What needs to be done>
Scan the listing below for the word "COVER" and state how many lines hold it. Write nothing but the number.

(Beginning of Working data)

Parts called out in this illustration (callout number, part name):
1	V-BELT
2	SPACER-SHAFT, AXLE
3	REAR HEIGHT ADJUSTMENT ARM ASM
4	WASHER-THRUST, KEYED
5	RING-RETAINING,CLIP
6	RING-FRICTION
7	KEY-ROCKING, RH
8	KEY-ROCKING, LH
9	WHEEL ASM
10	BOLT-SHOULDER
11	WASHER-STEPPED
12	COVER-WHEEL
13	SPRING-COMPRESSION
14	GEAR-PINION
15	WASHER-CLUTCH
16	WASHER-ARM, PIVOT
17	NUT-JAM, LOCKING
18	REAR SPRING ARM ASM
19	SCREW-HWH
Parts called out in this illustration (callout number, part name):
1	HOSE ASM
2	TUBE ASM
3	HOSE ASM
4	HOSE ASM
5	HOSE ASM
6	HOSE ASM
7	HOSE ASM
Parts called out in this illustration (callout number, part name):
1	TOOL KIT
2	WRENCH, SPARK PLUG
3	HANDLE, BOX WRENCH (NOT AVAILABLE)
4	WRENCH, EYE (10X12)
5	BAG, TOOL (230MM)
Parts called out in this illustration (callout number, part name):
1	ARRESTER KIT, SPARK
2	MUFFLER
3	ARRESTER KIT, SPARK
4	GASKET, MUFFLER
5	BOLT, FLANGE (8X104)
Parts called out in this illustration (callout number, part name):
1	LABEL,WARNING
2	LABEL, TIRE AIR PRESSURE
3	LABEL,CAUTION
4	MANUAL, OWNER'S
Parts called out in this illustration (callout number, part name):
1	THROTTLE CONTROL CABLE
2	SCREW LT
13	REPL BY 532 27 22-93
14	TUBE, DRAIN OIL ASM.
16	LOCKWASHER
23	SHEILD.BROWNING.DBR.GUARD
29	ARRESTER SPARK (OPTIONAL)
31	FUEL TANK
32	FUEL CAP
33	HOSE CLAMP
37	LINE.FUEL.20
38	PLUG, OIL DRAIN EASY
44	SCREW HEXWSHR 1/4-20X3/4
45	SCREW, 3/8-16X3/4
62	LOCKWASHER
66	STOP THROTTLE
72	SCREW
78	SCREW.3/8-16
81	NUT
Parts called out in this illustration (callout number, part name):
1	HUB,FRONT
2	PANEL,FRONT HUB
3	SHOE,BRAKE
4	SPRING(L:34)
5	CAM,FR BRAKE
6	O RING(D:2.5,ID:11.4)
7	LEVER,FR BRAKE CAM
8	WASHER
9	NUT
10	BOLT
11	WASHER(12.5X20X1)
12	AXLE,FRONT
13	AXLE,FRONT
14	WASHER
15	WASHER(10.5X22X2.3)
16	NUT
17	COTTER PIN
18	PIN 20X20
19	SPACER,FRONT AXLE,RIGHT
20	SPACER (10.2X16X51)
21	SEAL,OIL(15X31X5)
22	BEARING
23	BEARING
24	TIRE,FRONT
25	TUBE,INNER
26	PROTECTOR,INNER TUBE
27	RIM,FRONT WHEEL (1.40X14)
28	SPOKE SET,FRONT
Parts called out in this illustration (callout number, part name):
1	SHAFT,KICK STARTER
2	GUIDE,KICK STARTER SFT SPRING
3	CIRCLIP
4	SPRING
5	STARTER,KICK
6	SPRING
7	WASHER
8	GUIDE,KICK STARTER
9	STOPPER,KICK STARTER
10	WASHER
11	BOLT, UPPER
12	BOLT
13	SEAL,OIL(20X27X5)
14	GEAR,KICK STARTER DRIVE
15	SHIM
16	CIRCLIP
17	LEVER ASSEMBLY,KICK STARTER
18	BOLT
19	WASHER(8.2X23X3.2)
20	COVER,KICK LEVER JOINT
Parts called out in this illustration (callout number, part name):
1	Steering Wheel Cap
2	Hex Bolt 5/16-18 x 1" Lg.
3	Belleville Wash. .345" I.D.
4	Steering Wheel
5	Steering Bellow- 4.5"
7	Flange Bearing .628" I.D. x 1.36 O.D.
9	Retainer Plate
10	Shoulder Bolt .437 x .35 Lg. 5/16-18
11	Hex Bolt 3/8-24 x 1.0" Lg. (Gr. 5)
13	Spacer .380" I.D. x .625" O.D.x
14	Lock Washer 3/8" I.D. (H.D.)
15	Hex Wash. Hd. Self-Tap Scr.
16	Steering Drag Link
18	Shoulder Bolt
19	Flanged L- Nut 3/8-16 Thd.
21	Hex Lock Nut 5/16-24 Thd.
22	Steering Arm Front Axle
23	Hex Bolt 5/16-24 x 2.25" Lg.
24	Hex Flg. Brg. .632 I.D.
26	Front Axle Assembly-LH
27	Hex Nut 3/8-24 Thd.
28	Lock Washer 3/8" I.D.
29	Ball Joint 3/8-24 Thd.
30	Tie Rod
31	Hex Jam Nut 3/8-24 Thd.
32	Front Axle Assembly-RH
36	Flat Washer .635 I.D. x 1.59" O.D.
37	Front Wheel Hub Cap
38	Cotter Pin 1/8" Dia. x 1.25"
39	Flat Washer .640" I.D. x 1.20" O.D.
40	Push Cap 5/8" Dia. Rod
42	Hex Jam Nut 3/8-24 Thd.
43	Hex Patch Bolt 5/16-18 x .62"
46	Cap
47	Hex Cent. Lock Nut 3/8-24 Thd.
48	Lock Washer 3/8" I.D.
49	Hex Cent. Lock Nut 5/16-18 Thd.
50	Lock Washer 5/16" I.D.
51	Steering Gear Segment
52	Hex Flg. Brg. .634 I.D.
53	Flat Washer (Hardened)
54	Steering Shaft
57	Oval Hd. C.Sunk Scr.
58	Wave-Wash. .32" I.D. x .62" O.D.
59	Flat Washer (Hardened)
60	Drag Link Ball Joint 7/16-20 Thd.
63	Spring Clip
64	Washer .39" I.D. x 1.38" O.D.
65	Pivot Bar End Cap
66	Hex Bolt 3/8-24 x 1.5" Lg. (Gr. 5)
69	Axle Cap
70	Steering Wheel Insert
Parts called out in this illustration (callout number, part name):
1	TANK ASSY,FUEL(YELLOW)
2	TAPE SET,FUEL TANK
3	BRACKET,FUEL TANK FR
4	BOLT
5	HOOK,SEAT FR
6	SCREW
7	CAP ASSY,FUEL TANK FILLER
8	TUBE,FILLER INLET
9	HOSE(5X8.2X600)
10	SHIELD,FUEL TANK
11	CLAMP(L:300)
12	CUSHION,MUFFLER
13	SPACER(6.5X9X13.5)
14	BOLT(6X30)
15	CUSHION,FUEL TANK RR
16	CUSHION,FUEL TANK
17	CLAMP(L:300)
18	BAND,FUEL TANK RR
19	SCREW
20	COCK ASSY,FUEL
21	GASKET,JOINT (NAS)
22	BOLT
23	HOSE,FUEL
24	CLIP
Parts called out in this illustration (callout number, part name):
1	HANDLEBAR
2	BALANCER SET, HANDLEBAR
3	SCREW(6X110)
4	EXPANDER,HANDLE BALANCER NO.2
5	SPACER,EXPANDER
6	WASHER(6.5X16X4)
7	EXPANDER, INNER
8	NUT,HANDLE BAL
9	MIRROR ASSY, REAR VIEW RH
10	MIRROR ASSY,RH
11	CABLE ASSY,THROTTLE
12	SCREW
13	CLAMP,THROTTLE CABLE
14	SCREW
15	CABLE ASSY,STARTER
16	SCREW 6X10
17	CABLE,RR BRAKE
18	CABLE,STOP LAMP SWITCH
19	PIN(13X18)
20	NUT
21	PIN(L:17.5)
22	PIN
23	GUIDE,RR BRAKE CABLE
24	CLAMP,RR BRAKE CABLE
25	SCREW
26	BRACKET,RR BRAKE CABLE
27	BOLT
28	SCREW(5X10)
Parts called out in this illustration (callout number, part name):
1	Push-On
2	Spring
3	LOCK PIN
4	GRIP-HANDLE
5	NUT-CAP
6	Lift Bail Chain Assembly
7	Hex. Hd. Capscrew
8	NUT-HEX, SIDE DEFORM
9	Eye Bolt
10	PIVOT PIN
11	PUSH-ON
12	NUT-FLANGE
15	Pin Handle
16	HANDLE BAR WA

(End of Working data)

Finished task>
2